━━ RECORDS SHOWN ━━

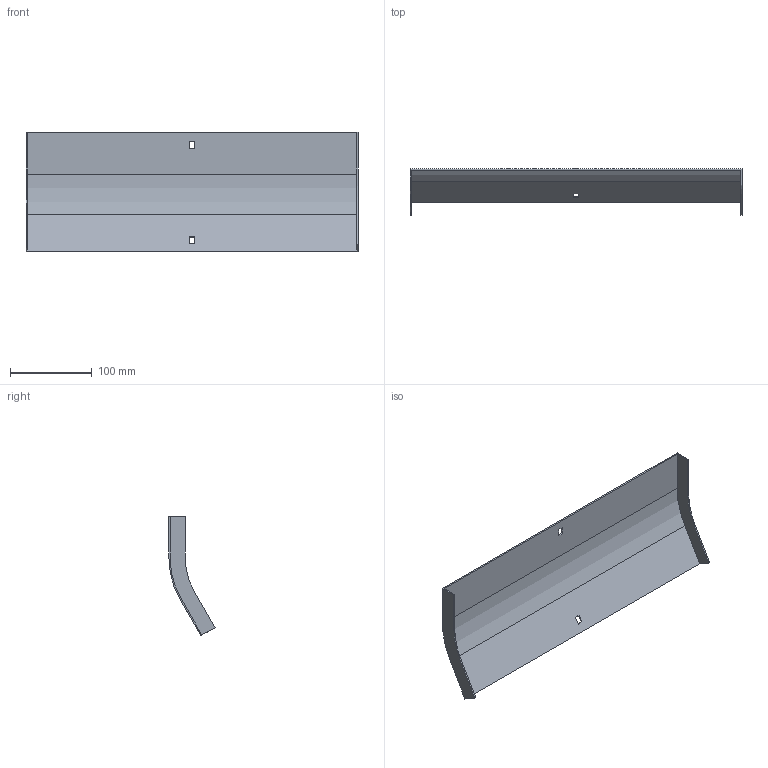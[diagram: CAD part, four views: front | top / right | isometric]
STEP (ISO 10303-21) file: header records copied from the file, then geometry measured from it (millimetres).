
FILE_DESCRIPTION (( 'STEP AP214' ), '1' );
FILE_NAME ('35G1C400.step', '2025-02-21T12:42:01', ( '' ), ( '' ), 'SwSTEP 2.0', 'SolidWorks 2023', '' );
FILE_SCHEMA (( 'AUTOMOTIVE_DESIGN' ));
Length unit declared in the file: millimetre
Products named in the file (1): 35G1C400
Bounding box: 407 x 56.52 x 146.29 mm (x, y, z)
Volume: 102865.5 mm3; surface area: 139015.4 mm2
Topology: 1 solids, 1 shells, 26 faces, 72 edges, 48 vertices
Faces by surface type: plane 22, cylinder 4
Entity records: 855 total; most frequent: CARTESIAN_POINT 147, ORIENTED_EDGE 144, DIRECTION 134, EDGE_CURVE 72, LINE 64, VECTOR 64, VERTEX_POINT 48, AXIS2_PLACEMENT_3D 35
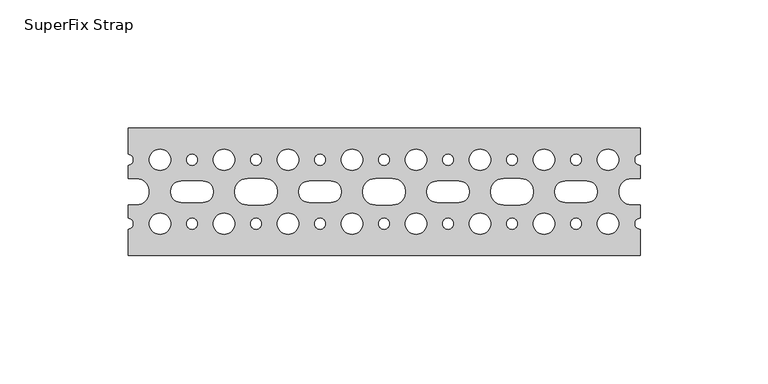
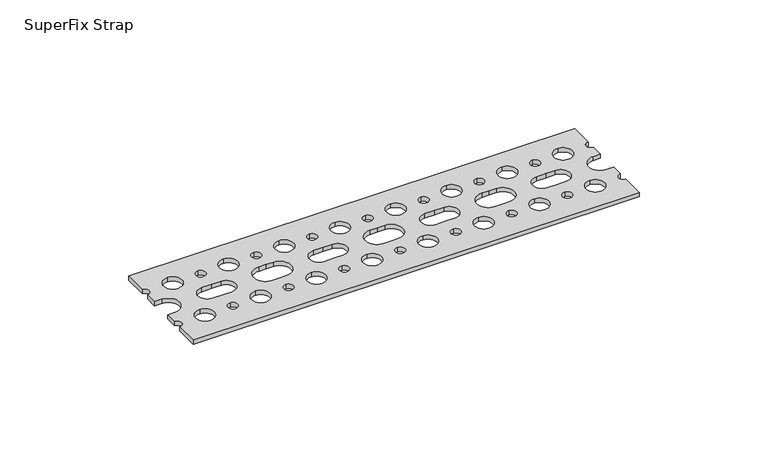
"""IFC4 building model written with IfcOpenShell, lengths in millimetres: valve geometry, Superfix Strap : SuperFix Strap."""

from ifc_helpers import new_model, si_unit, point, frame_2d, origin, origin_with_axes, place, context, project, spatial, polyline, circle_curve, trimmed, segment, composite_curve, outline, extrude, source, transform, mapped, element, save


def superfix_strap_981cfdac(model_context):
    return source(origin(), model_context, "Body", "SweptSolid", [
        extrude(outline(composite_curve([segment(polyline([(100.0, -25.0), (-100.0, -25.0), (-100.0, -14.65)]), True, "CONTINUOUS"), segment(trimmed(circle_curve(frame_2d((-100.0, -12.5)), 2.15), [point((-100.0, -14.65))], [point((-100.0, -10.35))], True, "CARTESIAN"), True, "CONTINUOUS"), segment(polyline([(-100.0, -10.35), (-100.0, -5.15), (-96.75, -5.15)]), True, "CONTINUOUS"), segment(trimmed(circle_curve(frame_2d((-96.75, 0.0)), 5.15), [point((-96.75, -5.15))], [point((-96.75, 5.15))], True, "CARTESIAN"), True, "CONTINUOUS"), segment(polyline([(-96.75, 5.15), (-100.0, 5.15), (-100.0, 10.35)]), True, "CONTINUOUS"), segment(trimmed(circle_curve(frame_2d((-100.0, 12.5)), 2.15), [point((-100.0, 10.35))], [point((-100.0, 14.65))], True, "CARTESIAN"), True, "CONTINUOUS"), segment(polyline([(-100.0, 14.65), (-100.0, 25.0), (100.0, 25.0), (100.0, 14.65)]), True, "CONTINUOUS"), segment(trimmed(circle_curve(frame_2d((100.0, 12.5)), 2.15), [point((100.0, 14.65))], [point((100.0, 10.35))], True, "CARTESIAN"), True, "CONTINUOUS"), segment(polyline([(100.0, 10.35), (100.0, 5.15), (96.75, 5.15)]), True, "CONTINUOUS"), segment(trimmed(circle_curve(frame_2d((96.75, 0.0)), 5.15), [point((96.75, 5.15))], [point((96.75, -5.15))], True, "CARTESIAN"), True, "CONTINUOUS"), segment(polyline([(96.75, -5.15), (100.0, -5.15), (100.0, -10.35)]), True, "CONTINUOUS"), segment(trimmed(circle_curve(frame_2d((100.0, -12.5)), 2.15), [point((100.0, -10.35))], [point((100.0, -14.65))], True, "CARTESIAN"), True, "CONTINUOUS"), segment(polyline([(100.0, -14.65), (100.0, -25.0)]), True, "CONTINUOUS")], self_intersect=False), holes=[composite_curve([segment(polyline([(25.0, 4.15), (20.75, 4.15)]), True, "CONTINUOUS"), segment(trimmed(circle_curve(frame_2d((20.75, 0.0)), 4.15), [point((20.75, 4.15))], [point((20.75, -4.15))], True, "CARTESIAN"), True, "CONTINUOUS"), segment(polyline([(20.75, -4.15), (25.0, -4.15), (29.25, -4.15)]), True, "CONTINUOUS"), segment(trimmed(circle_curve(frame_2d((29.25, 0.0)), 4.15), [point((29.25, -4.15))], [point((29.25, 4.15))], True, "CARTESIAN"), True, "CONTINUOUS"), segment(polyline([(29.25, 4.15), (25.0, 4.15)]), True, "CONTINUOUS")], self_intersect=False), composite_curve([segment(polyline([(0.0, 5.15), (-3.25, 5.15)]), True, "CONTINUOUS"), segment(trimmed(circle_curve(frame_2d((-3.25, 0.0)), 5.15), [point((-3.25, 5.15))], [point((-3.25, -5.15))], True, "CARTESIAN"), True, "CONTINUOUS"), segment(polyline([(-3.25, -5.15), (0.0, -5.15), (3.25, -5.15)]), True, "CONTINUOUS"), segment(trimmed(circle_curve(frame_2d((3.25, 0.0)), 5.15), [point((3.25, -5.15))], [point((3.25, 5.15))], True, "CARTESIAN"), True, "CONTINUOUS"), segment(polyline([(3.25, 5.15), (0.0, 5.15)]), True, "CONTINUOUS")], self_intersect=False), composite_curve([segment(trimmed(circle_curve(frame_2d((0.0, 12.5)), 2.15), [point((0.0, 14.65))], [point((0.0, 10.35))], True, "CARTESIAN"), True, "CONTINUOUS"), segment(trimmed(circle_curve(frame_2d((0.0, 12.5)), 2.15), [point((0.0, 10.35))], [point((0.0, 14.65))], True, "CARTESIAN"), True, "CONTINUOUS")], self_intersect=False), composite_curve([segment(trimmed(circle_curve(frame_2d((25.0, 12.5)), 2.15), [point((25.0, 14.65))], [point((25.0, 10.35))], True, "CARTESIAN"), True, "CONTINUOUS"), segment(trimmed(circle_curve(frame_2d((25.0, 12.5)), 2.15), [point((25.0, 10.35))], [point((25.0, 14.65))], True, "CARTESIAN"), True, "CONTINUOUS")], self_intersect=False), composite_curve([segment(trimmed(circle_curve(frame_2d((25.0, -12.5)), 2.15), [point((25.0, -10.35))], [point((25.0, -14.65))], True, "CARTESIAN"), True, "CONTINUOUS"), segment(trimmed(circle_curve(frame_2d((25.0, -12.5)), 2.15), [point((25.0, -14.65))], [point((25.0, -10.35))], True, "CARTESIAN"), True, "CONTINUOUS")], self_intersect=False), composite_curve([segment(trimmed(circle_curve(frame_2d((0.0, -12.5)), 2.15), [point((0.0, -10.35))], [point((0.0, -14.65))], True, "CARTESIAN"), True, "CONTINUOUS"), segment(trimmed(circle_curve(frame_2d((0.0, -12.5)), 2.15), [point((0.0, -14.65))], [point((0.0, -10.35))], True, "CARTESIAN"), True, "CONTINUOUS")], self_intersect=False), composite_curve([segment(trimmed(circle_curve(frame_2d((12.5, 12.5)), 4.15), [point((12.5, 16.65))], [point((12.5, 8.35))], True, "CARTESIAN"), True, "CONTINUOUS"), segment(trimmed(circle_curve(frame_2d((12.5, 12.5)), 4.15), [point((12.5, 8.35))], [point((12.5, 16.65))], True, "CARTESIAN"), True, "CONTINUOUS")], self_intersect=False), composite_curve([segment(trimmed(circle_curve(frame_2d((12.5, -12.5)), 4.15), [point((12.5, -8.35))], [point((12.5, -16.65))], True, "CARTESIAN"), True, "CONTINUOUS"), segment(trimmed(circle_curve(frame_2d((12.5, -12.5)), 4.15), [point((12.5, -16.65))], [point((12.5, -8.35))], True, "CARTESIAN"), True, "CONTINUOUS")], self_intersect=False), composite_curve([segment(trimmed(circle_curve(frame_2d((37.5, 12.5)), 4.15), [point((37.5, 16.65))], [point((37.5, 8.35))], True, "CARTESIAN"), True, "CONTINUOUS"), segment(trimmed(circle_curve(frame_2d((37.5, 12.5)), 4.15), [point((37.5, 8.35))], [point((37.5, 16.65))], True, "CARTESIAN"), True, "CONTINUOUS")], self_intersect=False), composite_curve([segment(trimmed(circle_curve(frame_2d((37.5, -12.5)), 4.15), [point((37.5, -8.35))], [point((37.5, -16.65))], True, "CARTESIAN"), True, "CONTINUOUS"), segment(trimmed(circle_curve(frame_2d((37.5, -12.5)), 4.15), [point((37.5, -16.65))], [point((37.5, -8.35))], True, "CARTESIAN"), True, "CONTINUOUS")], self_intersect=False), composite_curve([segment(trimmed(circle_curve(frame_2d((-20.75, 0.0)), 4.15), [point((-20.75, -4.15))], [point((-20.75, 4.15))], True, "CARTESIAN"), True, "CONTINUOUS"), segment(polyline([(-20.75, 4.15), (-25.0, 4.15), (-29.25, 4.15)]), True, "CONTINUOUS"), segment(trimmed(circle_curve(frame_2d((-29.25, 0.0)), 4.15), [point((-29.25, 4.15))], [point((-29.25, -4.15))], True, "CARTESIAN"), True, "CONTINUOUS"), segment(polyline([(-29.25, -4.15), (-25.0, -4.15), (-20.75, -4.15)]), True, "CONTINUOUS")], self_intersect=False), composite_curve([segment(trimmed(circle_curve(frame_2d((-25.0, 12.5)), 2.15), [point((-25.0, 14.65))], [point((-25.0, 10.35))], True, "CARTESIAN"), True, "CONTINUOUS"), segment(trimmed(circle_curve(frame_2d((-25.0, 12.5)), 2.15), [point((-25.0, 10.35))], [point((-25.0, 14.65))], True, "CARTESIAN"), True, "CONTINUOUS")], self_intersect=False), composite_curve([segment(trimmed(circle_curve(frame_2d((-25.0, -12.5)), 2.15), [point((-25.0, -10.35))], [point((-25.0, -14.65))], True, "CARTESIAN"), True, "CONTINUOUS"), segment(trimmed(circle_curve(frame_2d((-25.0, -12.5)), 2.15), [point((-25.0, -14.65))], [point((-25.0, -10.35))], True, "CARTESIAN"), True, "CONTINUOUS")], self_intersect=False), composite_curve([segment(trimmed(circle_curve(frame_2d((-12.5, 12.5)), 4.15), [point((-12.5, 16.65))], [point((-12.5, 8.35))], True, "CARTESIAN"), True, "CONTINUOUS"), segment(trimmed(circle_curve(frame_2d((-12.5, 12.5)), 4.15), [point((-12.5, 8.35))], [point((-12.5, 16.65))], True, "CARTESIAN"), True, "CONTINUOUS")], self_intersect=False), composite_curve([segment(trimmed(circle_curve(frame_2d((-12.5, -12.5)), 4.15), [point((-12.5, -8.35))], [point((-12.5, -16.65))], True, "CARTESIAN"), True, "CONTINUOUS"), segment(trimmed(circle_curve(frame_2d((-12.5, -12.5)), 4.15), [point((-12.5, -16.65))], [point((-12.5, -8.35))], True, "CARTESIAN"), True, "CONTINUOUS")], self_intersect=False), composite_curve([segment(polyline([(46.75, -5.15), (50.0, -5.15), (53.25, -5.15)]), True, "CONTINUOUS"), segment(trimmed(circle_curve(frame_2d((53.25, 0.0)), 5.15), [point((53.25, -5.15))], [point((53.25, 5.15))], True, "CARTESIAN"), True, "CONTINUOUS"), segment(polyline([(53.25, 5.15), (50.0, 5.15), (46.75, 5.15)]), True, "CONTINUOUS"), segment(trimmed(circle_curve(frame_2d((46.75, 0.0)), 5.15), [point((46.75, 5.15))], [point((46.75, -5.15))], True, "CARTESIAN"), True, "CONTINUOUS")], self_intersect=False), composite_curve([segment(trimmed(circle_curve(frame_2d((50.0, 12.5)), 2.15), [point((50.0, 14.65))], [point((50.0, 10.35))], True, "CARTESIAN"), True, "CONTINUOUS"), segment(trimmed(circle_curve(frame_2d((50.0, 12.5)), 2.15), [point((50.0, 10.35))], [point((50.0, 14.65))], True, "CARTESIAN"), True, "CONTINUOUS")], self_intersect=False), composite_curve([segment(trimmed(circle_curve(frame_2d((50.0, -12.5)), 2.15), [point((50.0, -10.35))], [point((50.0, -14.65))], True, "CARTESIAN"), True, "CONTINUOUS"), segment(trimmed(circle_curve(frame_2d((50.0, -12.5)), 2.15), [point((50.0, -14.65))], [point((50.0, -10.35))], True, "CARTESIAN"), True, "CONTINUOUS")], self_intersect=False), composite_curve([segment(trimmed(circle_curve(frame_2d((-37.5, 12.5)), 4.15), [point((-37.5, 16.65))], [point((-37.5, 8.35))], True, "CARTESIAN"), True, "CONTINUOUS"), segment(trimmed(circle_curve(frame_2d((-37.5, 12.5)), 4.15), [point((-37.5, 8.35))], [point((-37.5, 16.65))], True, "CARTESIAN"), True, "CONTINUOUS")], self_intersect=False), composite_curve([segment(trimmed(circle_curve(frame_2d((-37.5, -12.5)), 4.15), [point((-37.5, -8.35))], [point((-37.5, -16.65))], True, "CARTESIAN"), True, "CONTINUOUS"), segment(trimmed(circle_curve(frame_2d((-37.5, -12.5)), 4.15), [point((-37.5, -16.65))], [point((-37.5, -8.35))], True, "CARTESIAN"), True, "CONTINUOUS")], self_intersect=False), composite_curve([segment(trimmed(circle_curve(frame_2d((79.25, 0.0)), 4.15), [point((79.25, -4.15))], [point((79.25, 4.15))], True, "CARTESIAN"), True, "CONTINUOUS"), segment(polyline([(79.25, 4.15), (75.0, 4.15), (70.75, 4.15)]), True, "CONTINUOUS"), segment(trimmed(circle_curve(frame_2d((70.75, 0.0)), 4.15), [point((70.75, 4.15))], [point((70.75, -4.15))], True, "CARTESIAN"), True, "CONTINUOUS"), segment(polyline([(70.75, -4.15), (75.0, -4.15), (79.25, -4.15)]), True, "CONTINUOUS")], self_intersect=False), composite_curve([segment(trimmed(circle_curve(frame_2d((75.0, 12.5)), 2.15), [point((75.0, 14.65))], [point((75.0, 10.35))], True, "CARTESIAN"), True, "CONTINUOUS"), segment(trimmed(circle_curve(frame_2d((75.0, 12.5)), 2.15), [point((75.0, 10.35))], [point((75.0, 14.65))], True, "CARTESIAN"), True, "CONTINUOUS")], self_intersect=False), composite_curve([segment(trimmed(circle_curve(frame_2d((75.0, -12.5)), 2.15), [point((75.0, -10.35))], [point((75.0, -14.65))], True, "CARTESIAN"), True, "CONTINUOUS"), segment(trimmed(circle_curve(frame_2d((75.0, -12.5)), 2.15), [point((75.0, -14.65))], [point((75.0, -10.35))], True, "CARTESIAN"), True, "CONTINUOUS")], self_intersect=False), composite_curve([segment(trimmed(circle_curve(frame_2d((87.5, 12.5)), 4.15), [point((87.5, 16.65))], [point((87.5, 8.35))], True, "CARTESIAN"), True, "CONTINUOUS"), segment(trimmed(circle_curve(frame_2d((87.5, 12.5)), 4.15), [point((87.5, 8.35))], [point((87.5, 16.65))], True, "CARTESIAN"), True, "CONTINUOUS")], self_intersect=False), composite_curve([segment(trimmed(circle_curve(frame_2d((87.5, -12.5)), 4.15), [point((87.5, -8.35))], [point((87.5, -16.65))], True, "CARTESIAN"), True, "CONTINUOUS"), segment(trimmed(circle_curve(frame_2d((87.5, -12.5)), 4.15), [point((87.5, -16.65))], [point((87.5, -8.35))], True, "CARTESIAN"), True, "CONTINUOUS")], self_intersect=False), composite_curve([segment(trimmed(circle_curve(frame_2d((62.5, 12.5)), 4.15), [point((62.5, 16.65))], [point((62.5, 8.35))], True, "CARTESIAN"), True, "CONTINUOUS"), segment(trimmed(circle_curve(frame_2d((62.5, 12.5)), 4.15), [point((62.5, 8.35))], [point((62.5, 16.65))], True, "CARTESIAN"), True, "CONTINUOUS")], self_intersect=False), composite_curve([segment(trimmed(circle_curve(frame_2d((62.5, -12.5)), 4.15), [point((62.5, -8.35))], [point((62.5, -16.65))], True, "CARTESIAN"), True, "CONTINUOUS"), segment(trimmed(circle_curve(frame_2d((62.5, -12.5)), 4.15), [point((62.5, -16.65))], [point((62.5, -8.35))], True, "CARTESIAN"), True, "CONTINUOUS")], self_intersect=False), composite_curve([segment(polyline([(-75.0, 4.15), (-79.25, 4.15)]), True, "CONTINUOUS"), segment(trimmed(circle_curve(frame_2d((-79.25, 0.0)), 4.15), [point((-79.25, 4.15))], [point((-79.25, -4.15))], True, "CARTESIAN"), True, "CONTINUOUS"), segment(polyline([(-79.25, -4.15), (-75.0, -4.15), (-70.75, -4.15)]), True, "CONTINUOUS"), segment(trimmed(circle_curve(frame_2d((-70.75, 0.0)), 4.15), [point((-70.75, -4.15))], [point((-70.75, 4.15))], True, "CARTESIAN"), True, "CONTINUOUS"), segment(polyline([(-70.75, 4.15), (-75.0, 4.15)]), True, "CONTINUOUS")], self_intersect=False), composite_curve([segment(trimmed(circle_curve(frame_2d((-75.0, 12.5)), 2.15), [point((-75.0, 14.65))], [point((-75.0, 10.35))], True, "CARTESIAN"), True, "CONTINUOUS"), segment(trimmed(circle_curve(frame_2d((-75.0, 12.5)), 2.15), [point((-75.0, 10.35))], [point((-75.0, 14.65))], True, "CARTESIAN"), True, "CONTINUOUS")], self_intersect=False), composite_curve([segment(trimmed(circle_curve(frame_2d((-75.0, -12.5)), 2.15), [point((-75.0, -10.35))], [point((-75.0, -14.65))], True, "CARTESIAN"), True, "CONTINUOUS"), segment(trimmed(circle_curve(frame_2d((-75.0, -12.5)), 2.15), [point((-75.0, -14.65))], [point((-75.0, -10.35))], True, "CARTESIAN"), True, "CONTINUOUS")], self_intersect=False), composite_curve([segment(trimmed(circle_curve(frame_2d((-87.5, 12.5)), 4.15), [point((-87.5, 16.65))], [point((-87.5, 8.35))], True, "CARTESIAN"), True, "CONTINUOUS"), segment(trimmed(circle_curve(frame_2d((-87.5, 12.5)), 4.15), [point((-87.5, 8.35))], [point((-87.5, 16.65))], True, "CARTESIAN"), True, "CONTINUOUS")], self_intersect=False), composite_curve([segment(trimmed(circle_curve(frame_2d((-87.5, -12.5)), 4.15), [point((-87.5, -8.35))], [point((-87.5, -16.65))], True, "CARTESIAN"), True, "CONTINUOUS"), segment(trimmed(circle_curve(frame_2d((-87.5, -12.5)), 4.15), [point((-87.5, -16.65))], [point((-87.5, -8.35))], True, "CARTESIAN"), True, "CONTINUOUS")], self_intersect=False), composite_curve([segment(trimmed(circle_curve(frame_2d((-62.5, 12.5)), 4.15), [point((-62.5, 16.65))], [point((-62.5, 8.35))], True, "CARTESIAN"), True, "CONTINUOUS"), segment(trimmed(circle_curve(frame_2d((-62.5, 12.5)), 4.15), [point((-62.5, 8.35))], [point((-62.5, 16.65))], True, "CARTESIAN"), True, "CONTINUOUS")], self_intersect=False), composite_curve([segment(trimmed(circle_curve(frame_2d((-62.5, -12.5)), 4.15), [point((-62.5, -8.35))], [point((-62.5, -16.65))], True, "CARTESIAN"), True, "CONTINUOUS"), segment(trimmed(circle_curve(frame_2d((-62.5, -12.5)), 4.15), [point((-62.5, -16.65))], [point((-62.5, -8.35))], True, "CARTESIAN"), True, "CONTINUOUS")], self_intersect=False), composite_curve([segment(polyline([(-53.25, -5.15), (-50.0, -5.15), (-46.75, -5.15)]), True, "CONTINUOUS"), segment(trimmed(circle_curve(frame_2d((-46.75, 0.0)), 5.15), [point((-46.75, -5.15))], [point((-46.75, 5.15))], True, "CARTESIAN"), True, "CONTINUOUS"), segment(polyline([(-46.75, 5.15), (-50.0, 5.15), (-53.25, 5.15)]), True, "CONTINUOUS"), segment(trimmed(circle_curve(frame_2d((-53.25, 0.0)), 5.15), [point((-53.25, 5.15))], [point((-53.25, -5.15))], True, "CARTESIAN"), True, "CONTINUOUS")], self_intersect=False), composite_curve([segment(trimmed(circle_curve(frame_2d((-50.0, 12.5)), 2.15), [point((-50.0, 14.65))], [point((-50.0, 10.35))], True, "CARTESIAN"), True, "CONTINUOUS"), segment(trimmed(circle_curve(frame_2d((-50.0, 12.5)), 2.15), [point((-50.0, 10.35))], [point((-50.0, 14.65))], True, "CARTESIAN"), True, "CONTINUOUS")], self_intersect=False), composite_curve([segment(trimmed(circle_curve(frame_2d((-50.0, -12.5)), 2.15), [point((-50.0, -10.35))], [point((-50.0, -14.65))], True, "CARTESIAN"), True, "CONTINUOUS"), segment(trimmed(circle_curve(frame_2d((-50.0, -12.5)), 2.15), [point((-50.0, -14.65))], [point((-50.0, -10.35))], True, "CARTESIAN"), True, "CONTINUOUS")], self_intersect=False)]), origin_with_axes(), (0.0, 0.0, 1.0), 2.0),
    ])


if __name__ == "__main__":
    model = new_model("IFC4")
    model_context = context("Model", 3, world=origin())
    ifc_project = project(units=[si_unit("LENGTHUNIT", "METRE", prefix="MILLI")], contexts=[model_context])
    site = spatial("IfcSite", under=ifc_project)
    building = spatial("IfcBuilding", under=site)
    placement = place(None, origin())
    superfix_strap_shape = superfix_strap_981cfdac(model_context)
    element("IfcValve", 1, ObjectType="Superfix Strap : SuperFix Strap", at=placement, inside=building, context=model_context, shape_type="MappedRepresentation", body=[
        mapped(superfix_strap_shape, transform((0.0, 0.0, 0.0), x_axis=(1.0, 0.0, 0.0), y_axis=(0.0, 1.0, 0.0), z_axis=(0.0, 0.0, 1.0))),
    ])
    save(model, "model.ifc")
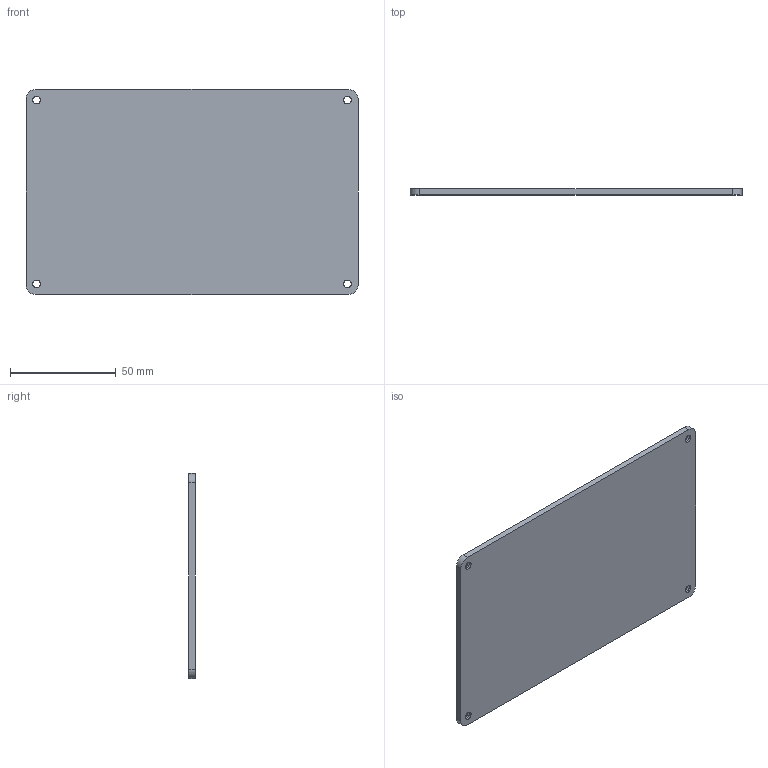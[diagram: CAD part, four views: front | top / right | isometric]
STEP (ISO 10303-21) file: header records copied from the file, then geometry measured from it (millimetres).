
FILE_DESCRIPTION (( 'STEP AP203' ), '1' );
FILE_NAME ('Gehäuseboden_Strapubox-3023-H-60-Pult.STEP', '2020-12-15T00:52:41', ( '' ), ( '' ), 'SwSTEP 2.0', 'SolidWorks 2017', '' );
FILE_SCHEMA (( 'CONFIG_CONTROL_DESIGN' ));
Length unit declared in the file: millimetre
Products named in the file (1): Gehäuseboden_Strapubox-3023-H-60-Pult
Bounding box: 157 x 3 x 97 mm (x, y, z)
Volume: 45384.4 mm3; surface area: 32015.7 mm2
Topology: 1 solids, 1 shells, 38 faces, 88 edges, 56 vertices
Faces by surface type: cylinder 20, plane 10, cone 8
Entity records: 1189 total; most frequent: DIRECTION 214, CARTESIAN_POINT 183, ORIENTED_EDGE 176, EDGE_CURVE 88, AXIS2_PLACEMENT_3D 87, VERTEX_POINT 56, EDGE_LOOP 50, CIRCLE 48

━━━

#### [WORK REQUEST]
Search the material for the string "SolidWorks" and return each line that has it.

#### [ANSWER FOR THE TASK]
FILE_NAME ('35G1C400.step', '2025-02-21T12:42:01', ( '' ), ( '' ), 'SwSTEP 2.0', 'SolidWorks 2023', '' );
FILE_NAME ('Gehäuseboden_Strapubox-3023-H-60-Pult.STEP', '2020-12-15T00:52:41', ( '' ), ( '' ), 'SwSTEP 2.0', 'SolidWorks 2017', '' );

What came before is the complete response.